Chromosome number and morphology were studied in three allocreadiid species from mitotic metaphases of intramolluscan stages using karyometric analysis. Bunodera luciopercae has a diploid number 2n=14, with two large pairs of metacentrics, one pair of submeta-subtelocentrics, and four pairs of acrocentrics. Karyotype of Allocreadium isoporum, 2n=14, with two large pairs of metacentrics and five pairs of acrocentrics was recognized to be closely related to that of B. lucioperca. The most conspicuous interspecific difference occurs in the centromere position of the chromosomes of the pair 3. The possible reasons of the discrepancies between data reported therein and the karyological information previously published on these two species are discussed. Crepidostomum sp. has 2n=12, with one pair of large metacentrics and five pairs of acrocentrics and is more distantly related karyologically to the other two members of the family. Evolutionary considerations based on comparison of the chromosomes of Allocreadiidae and other studied families of the suborder Xiphidiata suggest that allocreadiids are karyotypically distinct. The placement of Allocreadiidae and Opecoelidae in the superfamily Allocreadioidea is questioned.

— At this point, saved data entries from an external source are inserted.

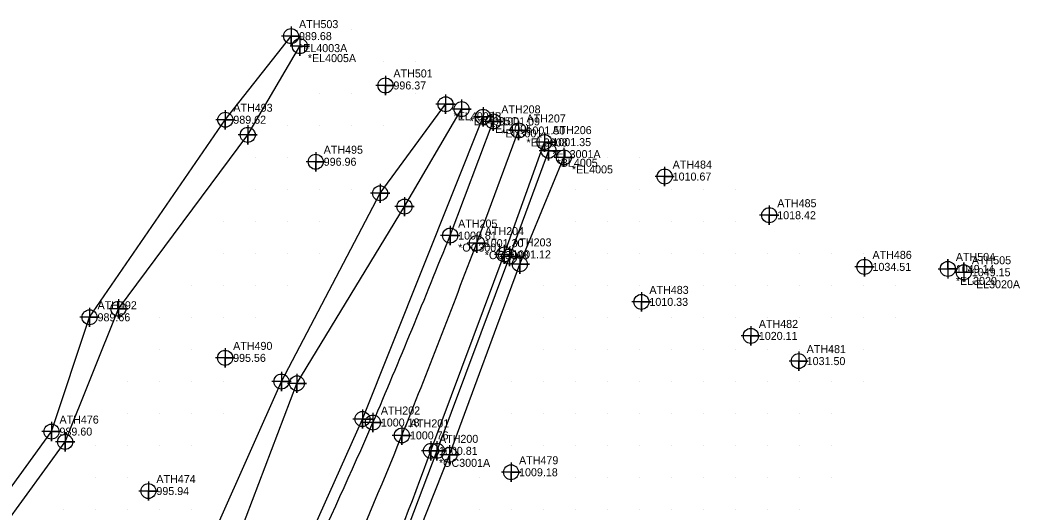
# Model space of a CAD drawing. Extents: x 1116680 to 1117499, y 661040 to 661703.
# Drawn here: x 1117186.4 to 1117498.8, y 661549.3 to 661703 of the extents above; entities that cross this region are included whole.
import ezdxf

# ---------------------------------------------------------------- set-up
doc = ezdxf.new("R2010")
doc.units = 0
for name, color, linetype in [('Exist DTM Breakline', 7, 'Continuous'), ('Exist DTM Breakline Cogo Comment', 7, 'Continuous'), ('Exist DTM Breakline Cogo Point CELL', 7, 'Continuous'), ('Exist DTM Crownline', 7, 'Continuous'), ('Exist DTM Crownline Cogo Comment', 7, 'Continuous'), ('Exist DTM Crownline Cogo Elevation', 7, 'Continuous'), ('Exist DTM Crownline Cogo Number', 7, 'Continuous'), ('Exist DTM Crownline Cogo Point CELL', 7, 'Continuous'), ('Exist DTM Drainline Cogo Comment', 7, 'Continuous'), ('Exist DTM Drainline Cogo Elevation', 7, 'Continuous'), ('Exist DTM Drainline Cogo Number', 7, 'Continuous'), ('Exist DTM Drainline Cogo Point CELL', 7, 'Continuous'), ('Exist DTM QL2 LIDAR Elevation Point', 7, 'Continuous'), ('Exist DTM Regular Point CELL', 7, 'Continuous'), ('Exist DTM Regular Point Cogo Elevation', 7, 'Continuous'), ('Exist DTM Regular Point Cogo Number', 7, 'Continuous'), ('Exist Hydro Stream or Body of Water', 7, 'Continuous'), ('Exist Railroads Standard Gauge Cogo Comment', 7, 'Continuous'), ('Exist Railroads Standard Gauge Cogo Elevation', 7, 'Continuous'), ('Exist Railroads Standard Gauge Cogo Number', 7, 'Continuous'), ('Exist Railroads Standard Gauge Cogo Point CELL', 7, 'Continuous'), ('Exist Roads EOP', 7, 'Continuous'), ('Exist Roads EOP Cogo Comment', 7, 'Continuous'), ('Exist Roads EOP Cogo Elevation', 7, 'Continuous'), ('Exist Roads EOP Cogo Number', 7, 'Continuous'), ('Exist Roads EOP Cogo Point CELL', 7, 'Continuous')]:
    doc.layers.add(name, color=color, linetype=linetype)

msp = doc.modelspace()

# ---------------------------------------------------------------- linework, layer by layer
at = {"layer": 'Exist DTM Breakline'}
for points in [[(1117128.128, 661464.169), (1117144.878, 661495.181), (1117168.704, 661527.446), (1117200.502, 661571.22), (1117217.144, 661612.812), (1117257.559, 661667.144), (1117273.855, 661694.87)], [(1117207.028, 661459.166), (1117233.018, 661490.613), (1117248.28, 661545.62), (1117268.093, 661590.069), (1117298.919, 661648.887), (1117319.378, 661676.709)], [(1117210.127, 661456.793), (1117237.863, 661487.331), (1117272.992, 661532.718), (1117293.41, 661578.363), (1117331.106, 661672.763)], [(1117241.093, 661491.753), (1117255.131, 661542.605), (1117272.944, 661589.509), (1117306.544, 661644.722), (1117324.4, 661675.172)], [(1117161.696, 661291.017), (1117168.482, 661312.597), (1117176.266, 661342.559), (1117182.941, 661374.652), (1117194.026, 661386.336), (1117220.943, 661405.14), (1117272.33, 661460.939), (1117291.277, 661496.211), (1117300.472, 661516.498), (1117320.583, 661567.148), (1117342.592, 661626.703), (1117356.346, 661660.105)], [(1117351.58, 661662.175), (1117339.299, 661629.132), (1117316.671, 661568.431), (1117298.876, 661521.377), (1117271.145, 661466.692), (1117239.817, 661428.377), (1117194.27, 661391.492)]]:
    msp.add_lwpolyline(points, dxfattribs=at)
at = {"layer": 'Exist DTM Breakline Cogo Point CELL'}
for points in [[(1117273.855, 661697.87), (1117273.855, 661691.87), (1117273.855, 661694.87), (1117276.855, 661694.87), (1117270.855, 661694.87)], [(1117319.378, 661679.709), (1117319.378, 661673.709), (1117319.378, 661676.709), (1117322.378, 661676.709), (1117316.378, 661676.709)], [(1117324.4, 661678.172), (1117324.4, 661672.172), (1117324.4, 661675.172), (1117327.4, 661675.172), (1117321.4, 661675.172)], [(1117331.106, 661675.763), (1117331.106, 661669.763), (1117331.106, 661672.763), (1117334.106, 661672.763), (1117328.106, 661672.763)], [(1117257.559, 661670.144), (1117257.559, 661664.144), (1117257.559, 661667.144), (1117260.559, 661667.144), (1117254.559, 661667.144)], [(1117351.58, 661665.175), (1117351.58, 661659.175), (1117351.58, 661662.175), (1117354.58, 661662.175), (1117348.58, 661662.175)], [(1117356.346, 661663.105), (1117356.346, 661657.105), (1117356.346, 661660.105), (1117359.346, 661660.105), (1117353.346, 661660.105)], [(1117298.919, 661651.887), (1117298.919, 661645.887), (1117298.919, 661648.887), (1117301.919, 661648.887), (1117295.919, 661648.887)], [(1117306.544, 661647.722), (1117306.544, 661641.722), (1117306.544, 661644.722), (1117309.544, 661644.722), (1117303.544, 661644.722)], [(1117339.299, 661632.132), (1117339.299, 661626.132), (1117339.299, 661629.132), (1117342.299, 661629.132), (1117336.299, 661629.132)], [(1117342.592, 661629.703), (1117342.592, 661623.703), (1117342.592, 661626.703), (1117345.592, 661626.703), (1117339.592, 661626.703)], [(1117217.144, 661615.812), (1117217.144, 661609.812), (1117217.144, 661612.812), (1117220.144, 661612.812), (1117214.144, 661612.812)], [(1117268.093, 661593.069), (1117268.093, 661587.069), (1117268.093, 661590.069), (1117271.093, 661590.069), (1117265.093, 661590.069)], [(1117272.944, 661592.509), (1117272.944, 661586.509), (1117272.944, 661589.509), (1117275.944, 661589.509), (1117269.944, 661589.509)], [(1117293.41, 661581.363), (1117293.41, 661575.363), (1117293.41, 661578.363), (1117296.41, 661578.363), (1117290.41, 661578.363)], [(1117200.502, 661574.22), (1117200.502, 661568.22), (1117200.502, 661571.22), (1117203.502, 661571.22), (1117197.502, 661571.22)], [(1117316.671, 661571.431), (1117316.671, 661565.431), (1117316.671, 661568.431), (1117319.671, 661568.431), (1117313.671, 661568.431)], [(1117320.583, 661570.148), (1117320.583, 661564.148), (1117320.583, 661567.148), (1117323.583, 661567.148), (1117317.583, 661567.148)]]:
    msp.add_lwpolyline(points, dxfattribs=at)
for centre in [(1117273.855, 661694.87), (1117319.378, 661676.709), (1117324.4, 661675.172), (1117331.106, 661672.763), (1117257.559, 661667.144), (1117351.58, 661662.175), (1117356.346, 661660.105), (1117298.919, 661648.887), (1117306.544, 661644.722), (1117339.299, 661629.132), (1117342.592, 661626.703), (1117217.144, 661612.812), (1117268.093, 661590.069), (1117272.944, 661589.509), (1117293.41, 661578.363), (1117200.502, 661571.22), (1117316.671, 661568.431), (1117320.583, 661567.148)]:
    msp.add_circle(centre, 2.344, dxfattribs=at)
at = {"layer": 'Exist DTM Crownline'}
msp.add_line((1117329.129, 661633.315), (1117342.162, 661668.519), dxfattribs=at)
msp.add_spline([(1117128.608, 661382.881), (1117161.083, 661393.544), (1117193.928, 661410.345), (1117229.679, 661438.384), (1117257.918, 661472.931), (1117285.234, 661525.056), (1117305.735, 661573.245), (1117329.129, 661633.315)], degree=3, dxfattribs=at)
at = {"layer": 'Exist DTM Crownline Cogo Point CELL'}
for points in [[(1117342.162, 661671.519), (1117342.162, 661665.519), (1117342.162, 661668.519), (1117345.162, 661668.519), (1117339.162, 661668.519)], [(1117329.129, 661636.315), (1117329.129, 661630.315), (1117329.129, 661633.315), (1117332.129, 661633.315), (1117326.129, 661633.315)], [(1117305.735, 661576.245), (1117305.735, 661570.245), (1117305.735, 661573.245), (1117308.735, 661573.245), (1117302.735, 661573.245)]]:
    msp.add_lwpolyline(points, dxfattribs=at)
for centre in [(1117342.162, 661668.519), (1117329.129, 661633.315), (1117305.735, 661573.245)]:
    msp.add_circle(centre, 2.344, dxfattribs=at)
at = {"layer": 'Exist DTM Drainline Cogo Point CELL'}
for points in [[(1117271.101, 661700.995), (1117271.101, 661694.995), (1117271.101, 661697.995), (1117274.101, 661697.995), (1117268.101, 661697.995)], [(1117250.567, 661674.867), (1117250.567, 661668.867), (1117250.567, 661671.867), (1117253.567, 661671.867), (1117247.567, 661671.867)], [(1117208.146, 661613.151), (1117208.146, 661607.151), (1117208.146, 661610.151), (1117211.146, 661610.151), (1117205.146, 661610.151)], [(1117196.253, 661577.433), (1117196.253, 661571.433), (1117196.253, 661574.433), (1117199.253, 661574.433), (1117193.253, 661574.433)]]:
    msp.add_lwpolyline(points, dxfattribs=at)
for centre in [(1117271.101, 661697.995), (1117250.567, 661671.867), (1117208.146, 661610.151), (1117196.253, 661574.433)]:
    msp.add_circle(centre, 2.344, dxfattribs=at)
at = {"layer": 'Exist DTM QL2 LIDAR Elevation Point'}
for p, q in [((1117290, 661700), (1117290, 661700)), ((1117280, 661690), (1117280, 661690)), ((1117290, 661690), (1117290, 661690)), ((1117300, 661690), (1117300, 661690)), ((1117310, 661690), (1117310, 661690)), ((1117280, 661680), (1117280, 661680)), ((1117290, 661680), (1117290, 661680)), ((1117310, 661680), (1117310, 661680)), ((1117270, 661670), (1117270, 661670)), ((1117280, 661670), (1117280, 661670)), ((1117290, 661670), (1117290, 661670)), ((1117300, 661670), (1117300, 661670)), ((1117260, 661660), (1117260, 661660)), ((1117270, 661660), (1117270, 661660)), ((1117290, 661660), (1117290, 661660)), ((1117370, 661660), (1117370, 661660)), ((1117380, 661660), (1117380, 661660)), ((1117260, 661650), (1117260, 661650)), ((1117270, 661650), (1117270, 661650)), ((1117280, 661650), (1117280, 661650)), ((1117290, 661650), (1117290, 661650)), ((1117360, 661650), (1117360, 661650)), ((1117370, 661650), (1117370, 661650)), ((1117380, 661650), (1117380, 661650)), ((1117390, 661650), (1117390, 661650)), ((1117400, 661650), (1117400, 661650)), ((1117410, 661650), (1117410, 661650)), ((1117250, 661640), (1117250, 661640)), ((1117260, 661640), (1117260, 661640)), ((1117270, 661640), (1117270, 661640)), ((1117280, 661640), (1117280, 661640)), ((1117360, 661640), (1117360, 661640)), ((1117370, 661640), (1117370, 661640)), ((1117380, 661640), (1117380, 661640)), ((1117390, 661640), (1117390, 661640)), ((1117400, 661640), (1117400, 661640)), ((1117410, 661640), (1117410, 661640)), ((1117420, 661640), (1117420, 661640)), ((1117430, 661640), (1117430, 661640)), ((1117250, 661630), (1117250, 661630)), ((1117260, 661630), (1117260, 661630)), ((1117270, 661630), (1117270, 661630)), ((1117280, 661630), (1117280, 661630)), ((1117360, 661630), (1117360, 661630)), ((1117370, 661630), (1117370, 661630)), ((1117380, 661630), (1117380, 661630)), ((1117390, 661630), (1117390, 661630)), ((1117400, 661630), (1117400, 661630)), ((1117410, 661630), (1117410, 661630)), ((1117420, 661630), (1117420, 661630)), ((1117430, 661630), (1117430, 661630)), ((1117440, 661630), (1117440, 661630)), ((1117450, 661630), (1117450, 661630)), ((1117460, 661630), (1117460, 661630)), ((1117240, 661620), (1117240, 661620)), ((1117250, 661620), (1117250, 661620)), ((1117260, 661620), (1117260, 661620)), ((1117270, 661620), (1117270, 661620)), ((1117350, 661620), (1117350, 661620)), ((1117360, 661620), (1117360, 661620)), ((1117370, 661620), (1117370, 661620)), ((1117380, 661620), (1117380, 661620)), ((1117390, 661620), (1117390, 661620)), ((1117400, 661620), (1117400, 661620)), ((1117410, 661620), (1117410, 661620)), ((1117420, 661620), (1117420, 661620)), ((1117430, 661620), (1117430, 661620)), ((1117440, 661620), (1117440, 661620)), ((1117450, 661620), (1117450, 661620)), ((1117460, 661620), (1117460, 661620)), ((1117230, 661610), (1117230, 661610)), ((1117240, 661610), (1117240, 661610)), ((1117250, 661610), (1117250, 661610)), ((1117260, 661610), (1117260, 661610)), ((1117350, 661610), (1117350, 661610)), ((1117360, 661610), (1117360, 661610)), ((1117370, 661610), (1117370, 661610)), ((1117380, 661610), (1117380, 661610)), ((1117390, 661610), (1117390, 661610)), ((1117400, 661610), (1117400, 661610)), ((1117410, 661610), (1117410, 661610)), ((1117420, 661610), (1117420, 661610)), ((1117430, 661610), (1117430, 661610)), ((1117440, 661610), (1117440, 661610)), ((1117450, 661610), (1117450, 661610)), ((1117460, 661610), (1117460, 661610)), ((1117230, 661600), (1117230, 661600)), ((1117240, 661600), (1117240, 661600)), ((1117250, 661600), (1117250, 661600)), ((1117260, 661600), (1117260, 661600)), ((1117350, 661600), (1117350, 661600)), ((1117360, 661600), (1117360, 661600)), ((1117370, 661600), (1117370, 661600)), ((1117380, 661600), (1117380, 661600)), ((1117390, 661600), (1117390, 661600)), ((1117400, 661600), (1117400, 661600)), ((1117410, 661600), (1117410, 661600)), ((1117420, 661600), (1117420, 661600)), ((1117430, 661600), (1117430, 661600)), ((1117440, 661600), (1117440, 661600)), ((1117450, 661600), (1117450, 661600)), ((1117220, 661590), (1117220, 661590)), ((1117230, 661590), (1117230, 661590)), ((1117240, 661590), (1117240, 661590)), ((1117250, 661590), (1117250, 661590)), ((1117340, 661590), (1117340, 661590)), ((1117350, 661590), (1117350, 661590)), ((1117360, 661590), (1117360, 661590)), ((1117370, 661590), (1117370, 661590)), ((1117380, 661590), (1117380, 661590)), ((1117390, 661590), (1117390, 661590)), ((1117400, 661590), (1117400, 661590)), ((1117410, 661590), (1117410, 661590)), ((1117420, 661590), (1117420, 661590)), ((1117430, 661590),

Comparative karyological analysis of three species of Bothriocephalus Rudolphi 1808 (Cestoda: Pseudophyllidea).

The diploid complements of mitotic metaphase plates of three species of Botriocephaluswere studied using conventional Giemsa staining and karyometric analysis. Botriocephalus claviceps and Botriocephalus gregarius showed a karyotype with 2n=14 chromosomes. All chromosomes of B. claviceps were biarmed, metacentric or meta-submetacentric. The two first pairs of homologues were markedly larger than the remaining elements and represented 48.62% of the total chromosome length. The karyotype of B. gregarius had similar metric values for the chromosomes, but clearly differed in the chromosome morphology of pairs 5, 6 and 7, which had terminally located centromeres. The diploid number 2n=12 was found in Botriocephalus scorpii. The karyotype consists of five pairs of metacentric and one pair of submeta-metacentric chromosomes. The possible pathways of karyotype evolution within Bothriocephalus spp. and their phylogenetic relations with the other karyologically studied groups in the order Pseudophyllidea are discussed.